Toda nossa organização depende de escândalos, brigas, porfias, queixas, divórcios, calamidades, processos e, não obstante, a permissividade à prática de crimes. Melhor ainda se forem hediondos. Seja crimes contra a Igreja, a sociedade, o estado e, principalmente, contra o ser divino no qual estes imbecis acreditam. Você acha que o resultado de todo esse trabalho de décadas de infiltrações deve resultar no quê, hein? Instituição exemplar? Minha nossa senhora, cidadão! Vê se pensa!

Quando recomendamos a você a manutenção de D. era unicamente por ele ser o parasita que nele você enxergou. Ele era a perfeição em forma de ignomínia para ir cada vez mais afastando essas pessoas de sua fé original. Poucos são os que dissociam o comportamento dos seus líderes aos ditames do verdadeiro cristianismo, embutidos no tal Ahgrrrr!  Sr. Jesus.
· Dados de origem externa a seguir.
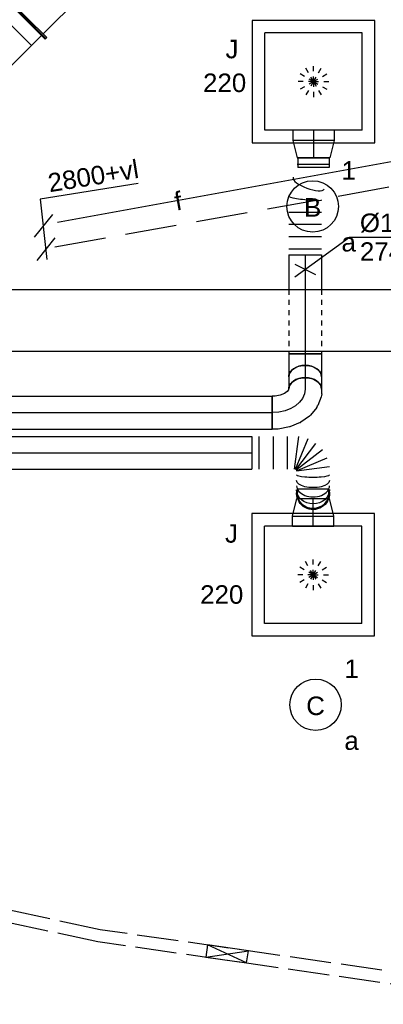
# Model space of a CAD drawing. Extents: x -257677 to 221252, y -185516 to 120782.
# Tile 91 of 171: x -50492 to -48726, y -54793 to -50003. Entities that reach past the tile are written whole.
import ezdxf
from ezdxf.enums import TextEntityAlignment as Align
from ezdxf.lldxf.tags import DXFTag

# ---------------------------------------------------------------- set-up
doc = ezdxf.new("R2010")
doc.units = 0
doc.header["$LTSCALE"] = 50
for name, pattern in [('2322140', [45, 40, -5]), ('2322203', [45, 5, -2, 5, -2, 5, -2, 5, -2, 5, -2, 5, -5]), ('AUSGEZOGEN', [0]), ('E_GOOT3', [5, 4, -1]), ('STREEPJES', [0.1, 0.05, -0.05])]:
    doc.linetypes.add(name, pattern=pattern)
doc.layers.get('0').update_dxf_attribs({"linetype": 'CONTINUOUS'})
for name, color, linetype in [('EL6131--_LB', 2, 'CONTINUOUS'), ('EL6131--_WG', 2, 'CONTINUOUS'), ('EL6311--', 3, 'CONTINUOUS'), ('WL5448--', 4, 'CONTINUOUS'), ('WL570---_RETOUR', 112, 'CONTINUOUS'), ('WL570---_RETOUR_HL', 8, 'CONTINUOUS'), ('WL570---_TOEVOER', 3, 'CONTINUOUS'), ('WL570---_TOEVOER_RST', 2, 'CONTINUOUS'), ('WL570---_TOEVOER_RST_HL', 1, 'CONTINUOUS'), ('WM5448--', 1, 'CONTINUOUS'), ('WM570---_RETOUR', 1, 'CONTINUOUS'), ('WM570---_RETOUR_PR', 1, 'CONTINUOUS'), ('WM570---_TOEVOER', 1, 'CONTINUOUS'), ('WM570---_TOEVOER_PR', 1, 'CONTINUOUS'), ('WM570---_TOEVOER_RST_PR', 1, 'CONTINUOUS')]:
    doc.layers.add(name, color=color, linetype=linetype)
doc.styles.add('BURO-018', font='ARIAL.TTF', dxfattribs={"height": 63})
tags = doc.linetypes.add('CENTER2', pattern=[28.575, 19.05, -3.175, 3.175, -3.175]).pattern_tags.tags
tags[10:11] = [DXFTag(74, 4), DXFTag(75, 0), DXFTag(340, '0'), DXFTag(46, 1.0), DXFTag(50, 0.0), DXFTag(44, 0.0), DXFTag(45, 0.0)]
tags[8:9] = [DXFTag(74, 4), DXFTag(75, 0), DXFTag(340, '0'), DXFTag(46, 1.0), DXFTag(50, 0.0), DXFTag(44, 0.0), DXFTag(45, 0.0)]
tags[6:7] = [DXFTag(74, 4), DXFTag(75, 0), DXFTag(340, '0'), DXFTag(46, 1.0), DXFTag(50, 0.0), DXFTag(44, 0.0), DXFTag(45, 0.0)]
tags[4:5] = [DXFTag(74, 4), DXFTag(75, 0), DXFTag(340, '0'), DXFTag(46, 1.0), DXFTag(50, 0.0), DXFTag(44, 0.0), DXFTag(45, 0.0)]

# ---------------------------------------------------------------- blocks, each defined once
blk = doc.blocks.new('1115B3')
at = {"color": 0, "linetype": 'Continuous'}
blk.add_circle((0, 3.5), 2.5, dxfattribs=at)
at = {"color": 0, "linetype": 'Continuous', "style": 'BURO-018'}
for tag, p in [('E_GKAST', (0, 11.5)), ('E_GROEP', (0, 8.5)), ('E_SGROEP', (4.5, 8.5)), ('E_ARMCODE', (0, 3.5)), ('E_SLET', (4.5, 2.5))]:
    blk.add_attdef(tag, text='', height=1.8, dxfattribs=at).set_placement(p, align=Align.MIDDLE)
blk = doc.blocks.new('E00112')
at = {"color": 0, "linetype": 'Continuous'}
for p, q in [((0, 1), (-1, 1)), ((-1, 1), (-1, 0)), ((-1, 0), (0, 1)), ((-1, 1), (0, 0)), ((0, 0), (0, 1)), ((-1, 0), (0, 0))]:
    blk.add_line(p, q, dxfattribs=at)
blk = doc.blocks.new('*U795')
at = {"color": 0, "ltscale": 10}
for p, q in [((297.5, 297.5, -2757.5), (-297.5, 297.5, -2757.5)), ((-297.5, 297.5, -2757.5), (-297.5, -297.5, -2757.5)), ((297.5, -297.5, -2757.5), (297.5, 297.5, -2757.5)), ((236.5, 236.5, -2757.5), (-236.5, 236.5, -2757.5)), ((-236.5, -236.5, -2757.5), (-236.5, 236.5, -2757.5)), ((236.5, -236.5, -2757.5), (236.5, 236.5, -2757.5)), ((236.5, -236.5, -2757.5), (-236.5, -236.5, -2757.5)), ((-297.5, -297.5, -2757.5), (297.5, -297.5, -2757.5))]:
    blk.add_line(p, q, dxfattribs=at)
at = {"color": 8, "linetype": 'STREEPJES', "ltscale": 10}
for q in [(0, 100, -2757.5), (-86.6, 50, -2757.5), (-50, 86.6, -2757.5), (50, 86.6, -2757.5), (86.6, 50, -2757.5), (-100, 0, -2757.5), (-86.6, -50, -2757.5), (-50, -86.6, -2757.5), (0, -100, -2757.5), (50, -86.6, -2757.5), (86.6, -50, -2757.5), (100, 0, -2757.5)]:
    blk.add_line((0, 0, -2757.5), q, dxfattribs=at)
at = {"layer": 'WL570---_TOEVOER_RST_HL', "linetype": 'CENTER2'}
blk.add_circle((0, 0, -2757.5), 0.075, dxfattribs=at)
at = {"layer": 'WL570---_TOEVOER_RST', "color": 1, "style": 'BURO-018'}
for tag in ['MC', 'Q']:
    blk.add_attdef(tag, text='', height=90, dxfattribs=at).set_placement((0, 0), align=Align.MIDDLE)
at = {"layer": 'WM570---_TOEVOER_RST_PR', "color": 1, "style": 'BURO-018'}
blk.add_attdef('POSNR', text='', height=90, dxfattribs=at).set_placement((0, 0), align=Align.MIDDLE)
blk = doc.blocks.new('*U944')
at = {"color": 0, "ltscale": 10}
for p, q in [((-49.5, 100, -2780), (0, 100, -2780)), ((-49.5, 100, -2780), (-49.5, -100, -2780)), ((0, 100, -2780), (85.2, 80, -2780)), ((0, 100, -2780), (0, -100, -2780)), ((0, 100, -2780), (0, -100, -2780)), ((0, 100, -2780), (0, -100, -2780)), ((85.2, 80, -2780), (85.2, -80, -2780)), ((85.2, 80, -2780), (85.2, -80, -2780)), ((85.2, 76, -2780), (131.9, 76, -2780)), ((131.9, 76, -2780), (131.9, -76, -2780)), ((131.9, 76, -2780), (131.9, -76, -2780)), ((0, -100, -2780), (85.2, -80, -2780)), ((85.2, -76, -2780), (131.9, -76, -2780)), ((-49.5, -100, -2780), (0, -100, -2780))]:
    blk.add_line(p, q, dxfattribs=at)
at = {"layer": 'WL570---_TOEVOER_RST_HL', "linetype": 'CENTER2'}
for p, q in [((-49.5, 0, -2780), (0, 0, -2780)), ((0, 0, -2780), (85.2, 0, -2780))]:
    blk.add_line(p, q, dxfattribs=at)
blk.add_circle((85.2, 0, -2780), 0.075, dxfattribs=at)
at = {"layer": 'WM570---_TOEVOER_RST_PR', "color": 1, "style": 'BURO-018'}
blk.add_attdef('POSNR', text='', height=90, dxfattribs=at).set_placement((0, 0), align=Align.MIDDLE)
blk = doc.blocks.new('*U945')
at = {"color": 0, "ltscale": 10}
for p, q in [((0, 80, -2960), (3933.7, 80, -2960)), ((0, -80, -2960), (0, 80, -2960)), ((3933.7, 80, -2960), (3933.7, -80, -2960)), ((0, -80, -2960), (3933.7, -80, -2960))]:
    blk.add_line(p, q, dxfattribs=at)
at = {"layer": 'WL570---_RETOUR_HL', "linetype": 'CENTER2'}
blk.add_line((0, 0, -2960), (3933.7, 0, -2960), dxfattribs=at)
at = {"layer": 'WM570---_RETOUR_PR', "color": 1, "style": 'BURO-018'}
blk.add_attdef('POSNR', text='', height=90, dxfattribs=at).set_placement((0, 0), align=Align.MIDDLE)
blk = doc.blocks.new('*U946')
at = {"color": 0, "ltscale": 10}
for p, q in [((0, 80, -2960), (0, -80, -2960)), ((34.2, 80, -2960), (34.2, -80, -2960)), ((102.7, 80, -2960), (102.7, -80, -2960)), ((171.2, 80, -2960), (171.2, -80, -2960)), ((207, -80, -2960), (228.1, 80, -2960)), ((271.7, 68.3, -2960), (209.9, -80.8, -2960)), ((212.6, -82.3, -2960), (310.8, 45.7, -2960)), ((342.7, 13.8, -2960), (214.7, -84.4, -2960)), ((216.2, -87.1, -2960), (365.3, -25.3, -2960)), ((377, -68.9, -2960), (217, -90, -2960)), ((217.2, -191.8, -2960), (217.2, -192.9, -2960))]:
    blk.add_line(p, q, dxfattribs=at)
for centre, major_axis, ratio, start_param, end_param in [((297, -106.6, -2960), (-80, 0), 0.147244, 0.000047, 3.14164), ((297.1, -160.4, -2960), (-80, -0.2), 0.674789, 0.000388, 3.141981), ((297.2, -191.4, -2960), (-80, -1), 0.97808, 0.007073, 3.134519)]:
    blk.add_ellipse(centre, major_axis=major_axis, ratio=ratio, start_param=start_param, end_param=end_param, dxfattribs=at)
at = {"color": 0, "ltscale": 10, "extrusion": (0, 0, -1)}
for centre, major_axis, ratio, start_param, end_param in [((297, -135.3, -2960), (80, 0.1), 0.429234, 0.000165, 3.141758), ((297.1, -179.6, -2960), (80, 0.3), 0.863065, 0.001061, 3.142653), ((297.2, -193, -2960), (80, 1.6), 0.994079, 0, 3.141593), ((297.3, -196.8, -2960), (80, 1.6), 0.994079, 0, 3.141593)]:
    blk.add_ellipse(centre, major_axis=major_axis, ratio=ratio, start_param=start_param, end_param=end_param, dxfattribs=at)
at = {"layer": 'WM570---_RETOUR_PR', "color": 1, "style": 'BURO-018'}
blk.add_attdef('POSNR', text='', height=90, dxfattribs=at).set_placement((0, 0), align=Align.MIDDLE)
blk = doc.blocks.new('*U947')
at = {"color": 0, "ltscale": 10}
for p, q in [((0, 80, -2960), (3799.4, 80, -2960)), ((0, -80, -2960), (0, 80, -2960)), ((3799.4, 80, -2960), (3799.4, -80, -2960)), ((0, -80, -2960), (3799.4, -80, -2960))]:
    blk.add_line(p, q, dxfattribs=at)
at = {"layer": 'WL570---_RETOUR_HL', "linetype": 'CENTER2'}
blk.add_line((0, 0, -2960), (3799.4, 0, -2960), dxfattribs=at)
at = {"layer": 'WM570---_RETOUR_PR', "color": 1, "style": 'BURO-018'}
blk.add_attdef('POSNR', text='', height=90, dxfattribs=at).set_placement((0, 0), align=Align.MIDDLE)
blk = doc.blocks.new('*U948')
at = {"color": 0, "ltscale": 10}
for p, q in [((-49.5, 100, -2780), (0, 100, -2780)), ((-49.5, 100, -2780), (-49.5, -100, -2780)), ((0, 100, -2780), (85.2, 80, -2780)), ((0, 100, -2780), (0, -100, -2780)), ((0, 100, -2780), (0, -100, -2780)), ((0, 100, -2780), (0, -100, -2780)), ((85.2, 80, -2780), (85.2, -80, -2780)), ((85.2, 80, -2780), (85.2, -80, -2780)), ((85.2, 76, -2780), (131.9, 76, -2780)), ((131.9, 76, -2780), (131.9, -76, -2780)), ((131.9, 76, -2780), (131.9, -76, -2780)), ((0, -100, -2780), (85.2, -80, -2780)), ((85.2, -76, -2780), (131.9, -76, -2780)), ((-49.5, -100, -2780), (0, -100, -2780))]:
    blk.add_line(p, q, dxfattribs=at)
at = {"layer": 'WL570---_TOEVOER_RST_HL', "linetype": 'CENTER2'}
for p, q in [((-49.5, 0, -2780), (0, 0, -2780)), ((0, 0, -2780), (85.2, 0, -2780))]:
    blk.add_line(p, q, dxfattribs=at)
blk.add_circle((85.2, 0, -2780), 0.075, dxfattribs=at)
at = {"layer": 'WM570---_TOEVOER_RST_PR', "color": 1, "style": 'BURO-018'}
blk.add_attdef('POSNR', text='', height=90, dxfattribs=at).set_placement((0, 0), align=Align.MIDDLE)
blk = doc.blocks.new('*U949')
at = {"color": 0, "ltscale": 10}
for p, q in [((0, 80, -2740), (0, -80, -2740)), ((29.7, 80, -2740), (29.7, -80, -2740)), ((89.2, 80, -2740), (89.2, -80, -2740)), ((148.6, 80, -2740), (148.6, -80, -2740)), ((208, 80, -2740), (208, -80, -2740)), ((441.6, 39.5, -2740), (441.6, -120.5, -2740)), ((471.6, 39.5, -2740), (471.6, -120.5, -2740))]:
    blk.add_line(p, q, dxfattribs=at)
at = {"color": 0, "ltscale": 10, "extrusion": (0, 0, -1)}
blk.add_ellipse((276, 0, -2740), major_axis=(-9.2, -80), ratio=0.110638, start_param=0.012697, end_param=3.15429, dxfattribs=at)
at = {"color": 0, "ltscale": 10}
for start_param, end_param in [(0.040535, 3.101058), (6.242651, 6.32372)]:
    blk.add_ellipse((348.7, -16.9, -2740), major_axis=(28, 75.6), ratio=0.320527, start_param=start_param, end_param=end_param, dxfattribs=at)
at = {"layer": 'WM570---_RETOUR_PR', "color": 1, "style": 'BURO-018'}
blk.add_attdef('POSNR', text='', height=90, dxfattribs=at).set_placement((0, 0), align=Align.MIDDLE)
blk = doc.blocks.new('*U967')
at = {"color": 0, "ltscale": 10}
for p, q in [((0, 80, -2740), (168.8, 80, -2740)), ((0, -80, -2740), (0, 80, -2740)), ((468.8, 80, -2740), (480.9, 80, -2740)), ((480.9, 80, -2740), (480.9, -80, -2740)), ((0, -80, -2740), (168.8, -80, -2740)), ((468.8, -80, -2740), (480.9, -80, -2740))]:
    blk.add_line(p, q, dxfattribs=at)
at = {"color": 8, "linetype": 'STREEPJES', "ltscale": 10}
for p, q in [((168.8, 80, -2740), (468.8, 80, -2740)), ((168.8, -80, -2740), (468.8, -80, -2740))]:
    blk.add_line(p, q, dxfattribs=at)
at = {"layer": 'WL570---_RETOUR_HL', "linetype": 'CENTER2'}
blk.add_line((0, 0, -2740), (480.9, 0, -2740), dxfattribs=at)
at = {"layer": 'WM570---_RETOUR_PR', "color": 1, "style": 'BURO-018'}
blk.add_attdef('POSNR', text='', height=90, dxfattribs=at).set_placement((0, 0), align=Align.MIDDLE)
blk = doc.blocks.new('*U968')
at = {"layer": 'WM570---_RETOUR', "color": 0, "ltscale": 10}
for p, q in [((-50, -36.3), (215.7, 156.4)), ((215.7, 156.4), (573.3, 156.4)), ((-50, 25.5), (50, -25.5))]:
    blk.add_line(p, q, dxfattribs=at)
at = {"layer": 'WM570---_RETOUR', "color": 0, "style": 'BURO-018'}
for s, p in [('%%c160', (265.7, 181.4)), ('2740', (265.7, 41.4))]:
    blk.add_text(s, height=90, dxfattribs=at).set_placement(p)
blk = doc.blocks.new('*U969')
at = {"color": 0, "ltscale": 10}
for p, q in [((-113.1, 80, -2960), (-90.8, 80, -2960)), ((-76.9, 77.4, -2960), (-34.2, 61.3, -2960)), ((-24.6, 55.8, -2960), (12.7, 25.3, -2960)), ((17.4, 20.3, -2960), (47, -21.7, -2960)), ((48.6, -24.6, -2960), (69.2, -74.9, -2960)), ((-112.9, -80, -2960), (-110, -81.1, -2960)), ((-110, -81.1, -2960), (-102.7, -87, -2960)), ((-102.7, -87, -2960), (-93.2, -100.5, -2960)), ((69.2, -74.9, -2960), (69.5, -76, -2960)), ((69.5, -76, -2960), (80, -131.4, -2960)), ((-93.2, -100.5, -2960), (-84.8, -121, -2960)), ((-84.8, -121, -2960), (-80, -146.4, -2960)), ((80, -131.5, -2960), (80, -131.4, -2960)), ((80, -131.5, -2960), (80, -160, -2960)), ((-80, -146.4, -2960), (-80, -160, -2960)), ((80, -160, -2960), (-80, -160, -2960))]:
    blk.add_line(p, q, dxfattribs=at)
at = {"color": 0, "ltscale": 10, "extrusion": (0, 0, -1)}
for centre, major_axis, ratio, start_param, end_param in [((-113.1, 0, -2960), (0, -80), 0.707107, 0, 3.141593), ((-98.2, 0, -2960), (14.5, 79.4), 0.695255, 6.156555, 6.409816), ((-43.7, -32, -2960), (58.9, 54.9), 0.558745, 6.207269, 6.359101)]:
    blk.add_ellipse(centre, major_axis=major_axis, ratio=ratio, start_param=start_param, end_param=end_param, dxfattribs=at)
at = {"color": 0, "ltscale": 10}
for centre, major_axis, ratio, start_param, end_param in [((-69.5, -10.9, -2960), (-40.3, -69.8), 0.64909, 3.0364, 3.246786), ((-22.6, -61.8, -2960), (-70.5, -38.7), 0.429597, 3.09247, 3.190715)]:
    blk.add_ellipse(centre, major_axis=major_axis, ratio=ratio, start_param=start_param, end_param=end_param, dxfattribs=at)
at = {"layer": 'WL570---_RETOUR_HL', "linetype": 'CENTER2', "extrusion": (0, 0, -1)}
blk.add_ellipse((-113.1, -160, -2960), major_axis=(0, 160), ratio=0.707107, start_param=0, end_param=1.570796, dxfattribs=at)
at = {"layer": 'WM570---_RETOUR_PR', "color": 1, "style": 'BURO-018'}
blk.add_attdef('POSNR', text='', height=90, dxfattribs=at).set_placement((0, 0), align=Align.MIDDLE)
blk = doc.blocks.new('*U970')
at = {"color": 0, "ltscale": 10}
for p, q in [((0, 80, -2786.9), (60, 80, -2786.9)), ((0, -80, -2786.9), (60, -80, -2786.9))]:
    blk.add_line(p, q, dxfattribs=at)
at = {"color": 0, "ltscale": 10, "extrusion": (0, 0, -1)}
blk.add_ellipse((0, 0, -2786.9), major_axis=(0, -80), ratio=0.707107, start_param=0, end_param=3.141593, dxfattribs=at)
at = {"color": 0, "ltscale": 10}
blk.add_ellipse((60, 0, -2786.9), major_axis=(0, -80), ratio=0.707107, start_param=3.141593, end_param=6.283185, dxfattribs=at)
at = {"layer": 'WL570---_RETOUR_HL', "linetype": 'CENTER2'}
blk.add_line((0, 0, -2786.9), (60, 0, -2786.9), dxfattribs=at)
at = {"layer": 'WM570---_RETOUR_PR', "color": 1, "style": 'BURO-018'}
blk.add_attdef('POSNR', text='', height=90, dxfattribs=at).set_placement((0, 0), align=Align.MIDDLE)
blk = doc.blocks.new('*U971')
at = {"color": 0, "ltscale": 10}
for p, q in [((-66.3, 80, -2740), (-45.2, 80, -2740)), ((-66.3, -80, -2740), (-66.3, 80, -2740)), ((-45.2, 80, -2740), (-4.5, 80, -2740)), ((-4.5, 80, -2740), (32, 80, -2740)), ((32, 80, -2740), (46.9, 80, -2740)), ((-66.3, -80, -2740), (-45.2, -80, -2740)), ((-45.2, -80, -2740), (-4.5, -80, -2740)), ((-4.5, -80, -2740), (32, -80, -2740)), ((32, -80, -2740), (46.9, -80, -2740))]:
    blk.add_line(p, q, dxfattribs=at)
blk.add_ellipse((46.9, 0, -2740), major_axis=(0, -80), ratio=0.707107, start_param=3.141593, end_param=6.283185, dxfattribs=at)
at = {"layer": 'WL570---_RETOUR_HL', "linetype": 'CENTER2'}
blk.add_line((-66.3, 0, -2740), (46.9, 0, -2740), dxfattribs=at)
at = {"layer": 'WM570---_RETOUR_PR', "color": 1, "style": 'BURO-018'}
blk.add_attdef('POSNR', text='', height=90, dxfattribs=at).set_placement((0, 0), align=Align.MIDDLE)
blk = doc.blocks.new('*U972')
at = {"color": 0, "ltscale": 10}
for p, q in [((0, 175, -2945), (5, 175, -2945)), ((0, -175, -2945), (0, 175, -2945)), ((5, -175, -2945), (5, 175, -2945)), ((5, 150, -2945), (2899.1, 150, -2945)), ((2904.1, 175, -2945), (2899.1, 175, -2945)), ((2899.1, -175, -2945), (2899.1, 175, -2945)), ((2904.1, -175, -2945), (2904.1, 175, -2945)), ((0, -175, -2945), (5, -175, -2945)), ((5, -150, -2945), (2899.1, -150, -2945)), ((2904.1, -175, -2945), (2899.1, -175, -2945))]:
    blk.add_line(p, q, dxfattribs=at)
at = {"layer": 'WM570---_TOEVOER_PR', "color": 1, "style": 'BURO-018'}
blk.add_attdef('POSNR', text='', height=90, dxfattribs=at).set_placement((0, 0), align=Align.MIDDLE)
blk = doc.blocks.new('*U1680')
at = {"color": 0, "ltscale": 10}
for p, q in [((-323.1, 225, -2950), (-318.1, 225, -2950)), ((-323.1, -225, -2950), (-323.1, 225, -2950)), ((-318.1, -225, -2950), (-318.1, 225, -2950)), ((-318.1, 200, -2950), (-273.1, 200, -2950)), ((-273.1, 200, -2950), (-74.8, 200, -2950)), ((-273.1, -200, -2950), (-273.1, 200, -2950)), ((-74.8, 200, -2950), (-74.8, -200, -2950)), ((-74.8, 200, -2950), (-50, 200, -2950)), ((-5, 200, -2950), (-50, 200, -2950)), ((0, 225, -2950), (-5, 225, -2950)), ((-5, -225, -2950), (-5, 225, -2950)), ((0, -225, -2950), (0, 225, -2950)), ((-323.1, -225, -2950), (-318.1, -225, -2950)), ((-273.1, -200, -2950), (-318.1, -200, -2950)), ((-273.1, -200, -2950), (-74.8, -200, -2950)), ((-74.8, -200, -2950), (-50, -200, -2950)), ((-50, -200, -2950), (-5, -200, -2950)), ((0, -225, -2950), (-5, -225, -2950))]:
    blk.add_line(p, q, dxfattribs=at)
at = {"color": 8, "linetype": 'STREEPJES', "ltscale": 10}
for p in [(-248.2, 200, -100), (-248.2, -200, -100)]:
    blk.add_line(p, (-50, 0, -50), dxfattribs=at)
at = {"layer": 'WM570---_TOEVOER_PR', "color": 1, "style": 'BURO-018'}
blk.add_attdef('POSNR', text='', height=90, dxfattribs=at).set_placement((0, 0), align=Align.MIDDLE)
blk = doc.blocks.new('*U1684')
at = {"color": 0, "ltscale": 10}
for p, q in [((0, 225, -3000), (5, 225, -3000)), ((0, -225, -3000), (0, 225, -3000)), ((5, -225, -3000), (5, 225, -3000)), ((5, 200, -3000), (1914.4, 200, -3000)), ((1919.4, 225, -3000), (1914.4, 225, -3000)), ((1914.4, -225, -3000), (1914.4, 225, -3000)), ((1919.4, -225, -3000), (1919.4, 225, -3000)), ((0, -225, -3000), (5, -225, -3000)), ((5, -200, -3000), (1914.4, -200, -3000)), ((1919.4, -225, -3000), (1914.4, -225, -3000))]:
    blk.add_line(p, q, dxfattribs=at)
at = {"layer": 'WM570---_TOEVOER_PR', "color": 1, "style": 'BURO-018'}
blk.add_attdef('POSNR', text='', height=90, dxfattribs=at).set_placement((0, 0), align=Align.MIDDLE)
blk = doc.blocks.new('2322140-3')
at = {"layer": 'WM5448--', "color": 0, "style": 'BURO-018'}
blk.add_text('f', height=90, rotation=10.2958, dxfattribs=at).set_placement((-49722.8, -50882.4, 2800), align=Align.MIDDLE)

msp = doc.modelspace()

# ---------------------------------------------------------------- linework, layer by layer
at = {"layer": 'EL6131--_WG', "linetype": 'E_GOOT3'}
for p, q in [((-50101.50715, -54429.60049, 3000), (-52546.7068, -53904.0595, 3000)), ((-50112.09627, -54488.69476, 3000), (-52560.1485, -53962.54068, 3000)), ((-47990.97785, -54733.28692, 3000), (-50101.50715, -54429.60049, 3000)), ((-47999.52331, -54792.67526, 3000), (-50112.09627, -54488.69476, 3000))]:
    msp.add_line(p, q, dxfattribs=at)
at = {"layer": 'WL5448--', "linetype": '2322140'}
msp.add_line((-48341.64768, -50631.55554, 2800), (-51103.9138, -51133.33309, 2800), dxfattribs=at)
at = {"layer": 'WL5448--', "linetype": '2322203'}
msp.add_line((-48353.8896, -50756.34705, 2800), (-51096.25747, -51248.44564, 2800), dxfattribs=at)
at = {"layer": 'WM570---_TOEVOER'}
for p, q in [((-50392.46183, -50874.94812, 2900), (-49917.25852, -50797.96629, 2900)), ((-50392.31002, -50875.02378, 2900), (-50359.90524, -51169.45615, 2900)), ((-50333.72477, -50950.28681, 2900), (-50422.18479, -51060.6264, 2900)), ((-50321.14513, -51064.58645, 2900), (-50409.60515, -51174.92605, 2900))]:
    msp.add_line(p, q, dxfattribs=at)

# ---------------------------------------------------------------- block references
at = {"layer": 'EL6131--_LB', "xscale": 59.99999999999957, "yscale": 200, "zscale": 59.99999999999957, "rotation": 81.81184824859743}
msp.add_blockref('E00112', (-49381.40568, -54531.86261), dxfattribs=at)
at = {"layer": 'EL6311--', "linetype": 'AUSGEZOGEN'}
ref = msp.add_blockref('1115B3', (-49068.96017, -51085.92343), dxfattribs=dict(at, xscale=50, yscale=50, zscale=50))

Um sujeito como D. nos é útil no altar, não afastado das mancomunações e da tragédia anunciada. Ele é o tipo ideal para enfraquecermos o poderio do conformismo, produto dessa religião inventada para impedir qualquer revolução cultural. Do contrário, todos começarão a se orgulhar da instituição Igreja, que não se permite escandalizar e afasta exemplarmente os responsáveis pelas más condutas. Ainda não aprendeu nada com as infiltrações na ICAR? Você não obedeceu a nós, mas justamente a Paulo. Se tivesse mantido D. no cargo e ido até nossa reunião, saberia o erro grosseiro que cometeu. A congregação está apta para ficar descontente e, principalmente, indignada. Cessou o momento das maquinações e chegou o momento do ataque frontal a esta denominação e todas as outras (olhe ao seu redor, caramba!). Nossos agentes estão em praticamente todas as casas buscando promover a balbúrdia e conseguindo… Ao contrário de você que em vez de buscar a ruína dessa gente, está inclusive recomendando divórcio e resolvendo conflitos que deveriam ir parar nos tribunais.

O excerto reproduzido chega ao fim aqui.